Clearly, the current behavior is not ideal, we should handle this more gracefully. We should perhaps terminate the orchestration with a nondeterminism exception, since that is sort of what it is (it is a failure to deterministically replay previous behavior of the orchestrator).

That still leaves the problem of releasing all the locks for an orchestrator that does not replay; I may need to write some custom code that can determine the held locks from the history without having to replay the orchestrator.

sebastianburckhardt on 21 Apr 2020

I've changed the orchestrator to a static function, which is an acceptable solution. I'll keep monitoring in the mean while, and will follow this issue for the definitive solution.

Thanks for the help!

basilfx on 21 Apr 2020

We'll need to check and/or fix the following things:

Make sure to catch constructor failures for non-static orchestrators, entities, and activities
Make sure to release all locks of a failed orchestrator, no matter how it fails

sebastianburckhardt on 22 Apr 2020

Point 1. above has been addressed by #1336.

sebastianburckhardt on 28 Apr 2020

@sebastianburckhardt

That still leaves the problem of releasing all the locks for an orchestrator that does not replay; I may need to write some custom code that can determine the held locks from the history without having to replay the orchestrator.

For those of us that have encountered this issue, is there a way to recover from this scenario without nuking the storage?

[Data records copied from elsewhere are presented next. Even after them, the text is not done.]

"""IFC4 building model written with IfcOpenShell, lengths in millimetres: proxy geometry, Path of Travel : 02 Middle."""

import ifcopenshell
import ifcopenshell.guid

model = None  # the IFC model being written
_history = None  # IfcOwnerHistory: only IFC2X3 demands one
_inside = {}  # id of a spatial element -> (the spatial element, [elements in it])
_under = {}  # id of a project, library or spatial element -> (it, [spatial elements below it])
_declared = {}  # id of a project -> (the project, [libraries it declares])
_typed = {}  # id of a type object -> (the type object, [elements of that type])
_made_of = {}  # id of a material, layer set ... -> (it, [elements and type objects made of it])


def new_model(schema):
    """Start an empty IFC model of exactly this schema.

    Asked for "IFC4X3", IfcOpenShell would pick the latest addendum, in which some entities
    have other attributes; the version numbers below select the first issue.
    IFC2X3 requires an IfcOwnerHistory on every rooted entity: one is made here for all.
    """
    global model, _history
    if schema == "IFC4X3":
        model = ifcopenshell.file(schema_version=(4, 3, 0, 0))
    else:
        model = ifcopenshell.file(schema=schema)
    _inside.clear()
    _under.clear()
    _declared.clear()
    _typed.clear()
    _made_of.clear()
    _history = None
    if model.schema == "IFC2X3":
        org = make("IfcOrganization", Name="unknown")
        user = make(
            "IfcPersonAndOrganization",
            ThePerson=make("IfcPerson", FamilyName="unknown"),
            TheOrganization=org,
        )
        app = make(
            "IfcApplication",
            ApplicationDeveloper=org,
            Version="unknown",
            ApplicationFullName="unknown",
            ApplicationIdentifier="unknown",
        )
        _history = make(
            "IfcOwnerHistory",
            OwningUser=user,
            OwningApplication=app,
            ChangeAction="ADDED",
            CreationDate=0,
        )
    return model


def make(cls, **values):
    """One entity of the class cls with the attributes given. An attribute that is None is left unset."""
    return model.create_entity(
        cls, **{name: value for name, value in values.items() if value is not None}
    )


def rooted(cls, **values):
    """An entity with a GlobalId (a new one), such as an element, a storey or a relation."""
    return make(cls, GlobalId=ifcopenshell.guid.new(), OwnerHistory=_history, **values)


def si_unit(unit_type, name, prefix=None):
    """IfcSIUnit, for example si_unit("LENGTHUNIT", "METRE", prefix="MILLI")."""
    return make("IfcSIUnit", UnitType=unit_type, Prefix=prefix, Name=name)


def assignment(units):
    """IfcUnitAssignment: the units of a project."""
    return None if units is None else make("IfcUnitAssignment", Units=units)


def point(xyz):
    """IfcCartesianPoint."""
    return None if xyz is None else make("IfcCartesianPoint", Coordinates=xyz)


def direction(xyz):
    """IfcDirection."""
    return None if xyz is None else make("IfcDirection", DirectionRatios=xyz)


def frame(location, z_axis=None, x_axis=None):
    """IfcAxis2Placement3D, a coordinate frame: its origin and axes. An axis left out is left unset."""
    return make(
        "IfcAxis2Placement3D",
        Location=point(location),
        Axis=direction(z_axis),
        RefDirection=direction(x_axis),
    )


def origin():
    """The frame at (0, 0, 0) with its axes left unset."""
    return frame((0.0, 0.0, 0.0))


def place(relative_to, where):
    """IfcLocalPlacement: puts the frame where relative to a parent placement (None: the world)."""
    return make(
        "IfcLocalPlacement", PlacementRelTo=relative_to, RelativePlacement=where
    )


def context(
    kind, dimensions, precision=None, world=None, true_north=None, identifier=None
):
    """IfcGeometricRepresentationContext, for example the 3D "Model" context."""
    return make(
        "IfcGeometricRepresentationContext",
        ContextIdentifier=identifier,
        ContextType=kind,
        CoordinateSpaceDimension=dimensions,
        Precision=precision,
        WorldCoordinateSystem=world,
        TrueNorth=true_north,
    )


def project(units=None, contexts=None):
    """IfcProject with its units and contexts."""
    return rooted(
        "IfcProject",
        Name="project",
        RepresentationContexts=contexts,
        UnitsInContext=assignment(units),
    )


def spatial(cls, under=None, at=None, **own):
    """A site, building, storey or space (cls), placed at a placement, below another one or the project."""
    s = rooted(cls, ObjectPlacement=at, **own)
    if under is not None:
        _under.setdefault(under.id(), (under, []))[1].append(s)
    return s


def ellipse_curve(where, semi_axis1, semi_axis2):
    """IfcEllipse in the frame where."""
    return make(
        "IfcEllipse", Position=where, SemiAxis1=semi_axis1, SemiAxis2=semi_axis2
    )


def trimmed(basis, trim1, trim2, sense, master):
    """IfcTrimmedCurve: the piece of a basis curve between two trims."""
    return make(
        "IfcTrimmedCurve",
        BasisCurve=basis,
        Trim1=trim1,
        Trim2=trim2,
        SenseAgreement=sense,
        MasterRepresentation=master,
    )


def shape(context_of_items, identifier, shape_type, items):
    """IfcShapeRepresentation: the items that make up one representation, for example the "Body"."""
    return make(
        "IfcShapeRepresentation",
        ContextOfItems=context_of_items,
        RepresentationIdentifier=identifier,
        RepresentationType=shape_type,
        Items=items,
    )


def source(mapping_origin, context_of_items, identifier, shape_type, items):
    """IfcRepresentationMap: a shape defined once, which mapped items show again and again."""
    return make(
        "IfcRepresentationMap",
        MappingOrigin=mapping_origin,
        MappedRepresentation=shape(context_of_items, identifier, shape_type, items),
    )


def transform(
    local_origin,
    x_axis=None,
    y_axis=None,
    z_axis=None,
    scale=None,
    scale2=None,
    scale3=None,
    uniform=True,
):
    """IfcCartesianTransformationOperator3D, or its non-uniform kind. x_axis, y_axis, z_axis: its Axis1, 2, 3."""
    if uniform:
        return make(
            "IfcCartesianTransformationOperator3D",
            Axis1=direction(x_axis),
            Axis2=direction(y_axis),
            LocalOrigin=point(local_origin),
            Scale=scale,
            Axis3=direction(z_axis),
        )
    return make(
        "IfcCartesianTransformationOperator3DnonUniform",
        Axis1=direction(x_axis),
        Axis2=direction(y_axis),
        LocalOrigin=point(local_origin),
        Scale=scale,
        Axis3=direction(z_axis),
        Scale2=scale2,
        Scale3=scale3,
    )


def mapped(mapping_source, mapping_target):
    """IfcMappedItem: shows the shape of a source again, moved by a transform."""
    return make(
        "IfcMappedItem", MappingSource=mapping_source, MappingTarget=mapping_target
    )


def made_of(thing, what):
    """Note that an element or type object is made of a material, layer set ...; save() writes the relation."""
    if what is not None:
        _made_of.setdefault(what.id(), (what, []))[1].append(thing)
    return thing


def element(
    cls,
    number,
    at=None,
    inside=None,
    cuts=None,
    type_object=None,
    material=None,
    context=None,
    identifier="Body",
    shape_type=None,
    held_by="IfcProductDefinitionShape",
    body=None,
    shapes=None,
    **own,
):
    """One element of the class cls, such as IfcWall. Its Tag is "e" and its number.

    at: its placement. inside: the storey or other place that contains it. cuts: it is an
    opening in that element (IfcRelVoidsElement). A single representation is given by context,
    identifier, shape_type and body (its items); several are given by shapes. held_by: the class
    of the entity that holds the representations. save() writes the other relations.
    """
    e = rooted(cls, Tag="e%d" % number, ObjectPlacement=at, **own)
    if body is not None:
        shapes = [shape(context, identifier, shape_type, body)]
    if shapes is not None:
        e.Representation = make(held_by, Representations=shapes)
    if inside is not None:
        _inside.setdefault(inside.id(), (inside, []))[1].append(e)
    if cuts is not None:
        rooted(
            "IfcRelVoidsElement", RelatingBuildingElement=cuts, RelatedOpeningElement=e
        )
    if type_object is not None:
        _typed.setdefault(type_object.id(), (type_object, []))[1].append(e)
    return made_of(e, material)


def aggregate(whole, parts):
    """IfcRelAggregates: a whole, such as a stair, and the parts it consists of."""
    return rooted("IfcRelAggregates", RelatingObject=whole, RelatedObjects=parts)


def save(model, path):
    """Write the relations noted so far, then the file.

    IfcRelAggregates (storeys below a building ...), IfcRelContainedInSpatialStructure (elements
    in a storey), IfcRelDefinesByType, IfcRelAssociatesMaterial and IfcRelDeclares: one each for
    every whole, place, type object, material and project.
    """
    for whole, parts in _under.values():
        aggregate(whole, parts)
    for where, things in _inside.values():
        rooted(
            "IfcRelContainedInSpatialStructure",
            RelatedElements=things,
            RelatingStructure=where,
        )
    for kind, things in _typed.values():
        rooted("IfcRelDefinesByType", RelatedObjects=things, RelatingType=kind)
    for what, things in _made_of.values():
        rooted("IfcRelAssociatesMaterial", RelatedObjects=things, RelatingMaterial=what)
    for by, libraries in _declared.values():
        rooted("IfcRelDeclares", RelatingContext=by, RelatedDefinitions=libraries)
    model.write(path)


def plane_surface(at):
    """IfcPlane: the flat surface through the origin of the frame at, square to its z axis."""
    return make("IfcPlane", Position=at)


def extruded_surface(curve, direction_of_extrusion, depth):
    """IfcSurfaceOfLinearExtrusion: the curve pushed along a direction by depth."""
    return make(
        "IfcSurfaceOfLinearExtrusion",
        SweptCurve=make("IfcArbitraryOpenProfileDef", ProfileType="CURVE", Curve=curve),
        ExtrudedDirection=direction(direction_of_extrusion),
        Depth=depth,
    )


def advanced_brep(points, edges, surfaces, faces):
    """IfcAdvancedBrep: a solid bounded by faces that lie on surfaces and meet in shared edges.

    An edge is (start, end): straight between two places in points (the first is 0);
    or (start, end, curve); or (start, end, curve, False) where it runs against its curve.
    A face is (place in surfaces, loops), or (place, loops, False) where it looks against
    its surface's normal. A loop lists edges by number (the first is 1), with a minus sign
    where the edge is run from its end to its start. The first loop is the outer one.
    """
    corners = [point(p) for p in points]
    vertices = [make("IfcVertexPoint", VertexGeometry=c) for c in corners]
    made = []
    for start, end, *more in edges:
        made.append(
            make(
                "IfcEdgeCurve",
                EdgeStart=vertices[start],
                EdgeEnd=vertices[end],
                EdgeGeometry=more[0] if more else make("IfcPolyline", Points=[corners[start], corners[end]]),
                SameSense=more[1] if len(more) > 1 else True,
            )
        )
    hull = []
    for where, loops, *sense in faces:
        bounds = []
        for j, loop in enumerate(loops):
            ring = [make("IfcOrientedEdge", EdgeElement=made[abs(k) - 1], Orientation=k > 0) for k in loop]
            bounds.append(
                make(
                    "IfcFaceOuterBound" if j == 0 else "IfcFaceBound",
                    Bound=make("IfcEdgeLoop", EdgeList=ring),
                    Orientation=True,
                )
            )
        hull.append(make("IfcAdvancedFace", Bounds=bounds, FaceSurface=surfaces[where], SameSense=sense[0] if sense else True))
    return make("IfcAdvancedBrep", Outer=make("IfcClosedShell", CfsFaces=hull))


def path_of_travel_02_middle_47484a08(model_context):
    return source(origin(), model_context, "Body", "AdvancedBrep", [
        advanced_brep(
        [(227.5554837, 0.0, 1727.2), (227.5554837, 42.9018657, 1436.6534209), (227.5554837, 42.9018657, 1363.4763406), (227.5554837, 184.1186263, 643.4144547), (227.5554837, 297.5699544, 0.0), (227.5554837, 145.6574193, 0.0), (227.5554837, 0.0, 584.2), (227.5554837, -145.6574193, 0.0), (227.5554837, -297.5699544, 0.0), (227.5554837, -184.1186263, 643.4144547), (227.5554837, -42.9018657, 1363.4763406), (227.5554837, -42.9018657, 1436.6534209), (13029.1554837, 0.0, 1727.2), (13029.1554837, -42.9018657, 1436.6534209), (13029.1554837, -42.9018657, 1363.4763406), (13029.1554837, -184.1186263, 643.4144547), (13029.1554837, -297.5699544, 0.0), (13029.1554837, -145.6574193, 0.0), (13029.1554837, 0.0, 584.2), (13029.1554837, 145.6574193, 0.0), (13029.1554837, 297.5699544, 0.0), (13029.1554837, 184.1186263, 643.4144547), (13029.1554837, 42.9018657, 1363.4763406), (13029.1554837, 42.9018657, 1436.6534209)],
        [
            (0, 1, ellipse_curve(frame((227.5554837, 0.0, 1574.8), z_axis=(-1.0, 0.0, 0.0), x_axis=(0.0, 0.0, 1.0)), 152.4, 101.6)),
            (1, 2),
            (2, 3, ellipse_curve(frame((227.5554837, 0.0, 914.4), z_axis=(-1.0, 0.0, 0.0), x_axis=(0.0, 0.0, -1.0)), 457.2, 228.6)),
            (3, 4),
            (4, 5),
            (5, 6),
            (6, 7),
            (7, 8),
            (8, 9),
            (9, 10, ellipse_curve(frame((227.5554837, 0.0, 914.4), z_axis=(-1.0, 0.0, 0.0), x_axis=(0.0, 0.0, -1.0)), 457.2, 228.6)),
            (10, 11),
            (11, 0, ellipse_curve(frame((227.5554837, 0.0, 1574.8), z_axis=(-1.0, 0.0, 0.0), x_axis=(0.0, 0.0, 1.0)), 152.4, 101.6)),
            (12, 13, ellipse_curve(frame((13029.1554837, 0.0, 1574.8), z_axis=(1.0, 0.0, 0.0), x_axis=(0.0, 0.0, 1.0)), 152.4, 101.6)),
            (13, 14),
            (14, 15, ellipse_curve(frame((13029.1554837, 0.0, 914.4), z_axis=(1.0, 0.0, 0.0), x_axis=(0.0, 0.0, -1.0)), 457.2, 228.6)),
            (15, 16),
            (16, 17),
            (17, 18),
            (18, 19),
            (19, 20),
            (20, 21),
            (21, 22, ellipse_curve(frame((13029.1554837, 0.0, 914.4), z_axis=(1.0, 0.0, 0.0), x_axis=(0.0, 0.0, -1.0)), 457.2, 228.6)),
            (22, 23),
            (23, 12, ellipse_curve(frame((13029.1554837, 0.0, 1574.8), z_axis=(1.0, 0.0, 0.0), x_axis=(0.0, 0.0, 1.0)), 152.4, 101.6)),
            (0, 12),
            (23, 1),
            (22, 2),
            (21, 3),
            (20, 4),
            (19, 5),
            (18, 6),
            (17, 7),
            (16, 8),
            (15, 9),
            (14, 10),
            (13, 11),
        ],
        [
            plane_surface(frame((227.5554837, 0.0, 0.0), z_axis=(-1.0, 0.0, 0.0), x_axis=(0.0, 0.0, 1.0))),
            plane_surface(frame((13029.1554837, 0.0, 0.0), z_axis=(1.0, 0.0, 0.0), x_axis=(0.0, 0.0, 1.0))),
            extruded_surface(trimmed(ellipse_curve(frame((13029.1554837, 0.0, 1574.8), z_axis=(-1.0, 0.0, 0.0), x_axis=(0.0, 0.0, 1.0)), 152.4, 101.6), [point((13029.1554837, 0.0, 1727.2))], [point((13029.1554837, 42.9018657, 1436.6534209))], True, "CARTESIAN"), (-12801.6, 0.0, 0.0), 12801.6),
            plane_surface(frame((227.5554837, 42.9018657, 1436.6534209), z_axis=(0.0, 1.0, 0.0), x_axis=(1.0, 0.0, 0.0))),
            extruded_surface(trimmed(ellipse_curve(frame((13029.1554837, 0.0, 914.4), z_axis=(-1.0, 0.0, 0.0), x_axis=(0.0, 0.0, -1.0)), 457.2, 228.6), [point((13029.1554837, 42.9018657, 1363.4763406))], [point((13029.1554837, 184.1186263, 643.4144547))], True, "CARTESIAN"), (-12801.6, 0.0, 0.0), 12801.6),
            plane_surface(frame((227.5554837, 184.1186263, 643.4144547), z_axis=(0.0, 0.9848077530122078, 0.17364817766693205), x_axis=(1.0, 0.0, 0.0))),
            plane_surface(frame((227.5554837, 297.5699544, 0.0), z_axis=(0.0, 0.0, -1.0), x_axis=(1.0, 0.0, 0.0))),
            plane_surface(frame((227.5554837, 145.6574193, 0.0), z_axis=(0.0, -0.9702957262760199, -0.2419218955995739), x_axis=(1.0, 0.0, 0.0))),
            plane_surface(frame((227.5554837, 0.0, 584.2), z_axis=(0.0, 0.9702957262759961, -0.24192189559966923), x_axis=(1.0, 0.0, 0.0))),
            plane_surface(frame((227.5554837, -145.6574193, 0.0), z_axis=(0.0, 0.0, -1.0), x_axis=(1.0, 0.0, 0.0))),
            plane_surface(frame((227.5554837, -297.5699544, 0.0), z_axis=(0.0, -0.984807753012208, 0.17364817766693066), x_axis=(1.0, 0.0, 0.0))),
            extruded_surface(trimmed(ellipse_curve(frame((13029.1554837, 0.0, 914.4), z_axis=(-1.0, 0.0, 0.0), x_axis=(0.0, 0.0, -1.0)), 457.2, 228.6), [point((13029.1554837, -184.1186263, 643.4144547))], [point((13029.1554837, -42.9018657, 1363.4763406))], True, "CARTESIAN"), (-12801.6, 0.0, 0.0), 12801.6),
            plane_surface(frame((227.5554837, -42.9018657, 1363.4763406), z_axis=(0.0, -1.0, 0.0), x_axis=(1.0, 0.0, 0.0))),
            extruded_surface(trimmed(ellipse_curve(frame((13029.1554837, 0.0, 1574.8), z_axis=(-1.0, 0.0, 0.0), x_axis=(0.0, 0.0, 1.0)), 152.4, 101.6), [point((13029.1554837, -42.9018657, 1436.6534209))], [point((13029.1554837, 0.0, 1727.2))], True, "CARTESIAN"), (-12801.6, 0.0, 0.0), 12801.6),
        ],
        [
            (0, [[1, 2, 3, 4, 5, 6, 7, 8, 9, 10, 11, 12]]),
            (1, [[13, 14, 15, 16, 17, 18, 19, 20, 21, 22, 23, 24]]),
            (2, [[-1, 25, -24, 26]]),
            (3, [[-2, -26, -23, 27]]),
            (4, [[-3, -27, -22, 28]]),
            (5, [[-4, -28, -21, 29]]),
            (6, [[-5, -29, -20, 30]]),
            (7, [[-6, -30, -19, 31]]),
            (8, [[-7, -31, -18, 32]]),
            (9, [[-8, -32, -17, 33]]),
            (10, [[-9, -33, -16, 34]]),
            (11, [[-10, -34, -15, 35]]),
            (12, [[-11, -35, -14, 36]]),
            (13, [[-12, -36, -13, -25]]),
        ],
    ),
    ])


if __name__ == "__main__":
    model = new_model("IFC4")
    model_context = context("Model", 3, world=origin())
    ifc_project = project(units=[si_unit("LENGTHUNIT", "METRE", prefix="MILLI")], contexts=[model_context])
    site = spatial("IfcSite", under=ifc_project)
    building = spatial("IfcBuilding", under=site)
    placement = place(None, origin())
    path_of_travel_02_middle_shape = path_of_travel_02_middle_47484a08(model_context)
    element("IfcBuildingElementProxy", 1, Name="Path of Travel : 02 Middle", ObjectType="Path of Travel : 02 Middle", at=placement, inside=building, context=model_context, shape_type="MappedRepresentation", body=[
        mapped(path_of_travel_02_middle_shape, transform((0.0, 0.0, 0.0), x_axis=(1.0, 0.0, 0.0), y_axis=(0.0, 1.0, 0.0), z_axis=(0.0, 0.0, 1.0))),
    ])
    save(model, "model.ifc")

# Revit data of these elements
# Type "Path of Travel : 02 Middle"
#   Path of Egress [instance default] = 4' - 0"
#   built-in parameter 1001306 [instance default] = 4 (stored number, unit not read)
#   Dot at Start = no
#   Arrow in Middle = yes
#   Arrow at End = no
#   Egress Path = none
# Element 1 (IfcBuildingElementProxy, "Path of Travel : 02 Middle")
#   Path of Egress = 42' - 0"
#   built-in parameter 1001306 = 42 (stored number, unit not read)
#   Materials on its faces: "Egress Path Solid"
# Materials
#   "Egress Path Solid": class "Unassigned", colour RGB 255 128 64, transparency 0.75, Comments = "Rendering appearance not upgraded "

If not what is the best way of hard resetting the storage account?

Skylertodd on 14 Aug 2020

👀1

I can't think of a simple solution. My best idea right now is to implement a "repair" operation on entities that releases the lock if it belongs to a non-running orchestration. To start with we can make this explicitly invokable, and then maybe automate it at some point.

sebastianburckhardt on 18 Aug 2020

I am considering adding the following operation to IDurableEntityClient; this would also address #1065.

/// <summary>
/// Removes unnecessary metadata and releases orphaned locks. Affects only entities that have been idle for at least 30 minutes.
/// </summary>
/// <remarks>Locks are considered orphaned if the orchestration that holds them is no longer running for some reason.</remarks>
/// <param name="cancellationToken">Cancellation token that can be used to cancel the query operation.</param>
/// <returns>A task that completes when the operation is finished for all entities.</returns>
Task CleanEntityStorageAsync(CancellationToken cancellationToken);

Internally this would be implemented using existing query functionality.

sebastianburckhardt on 18 Aug 2020

Orphaned locks can now be fixed by cleaning the entity storage.

sebastianburckhardt on 5 Oct 2020

Just grave digging here to say wow @basilfx, what a well-written bug report. Exemplary!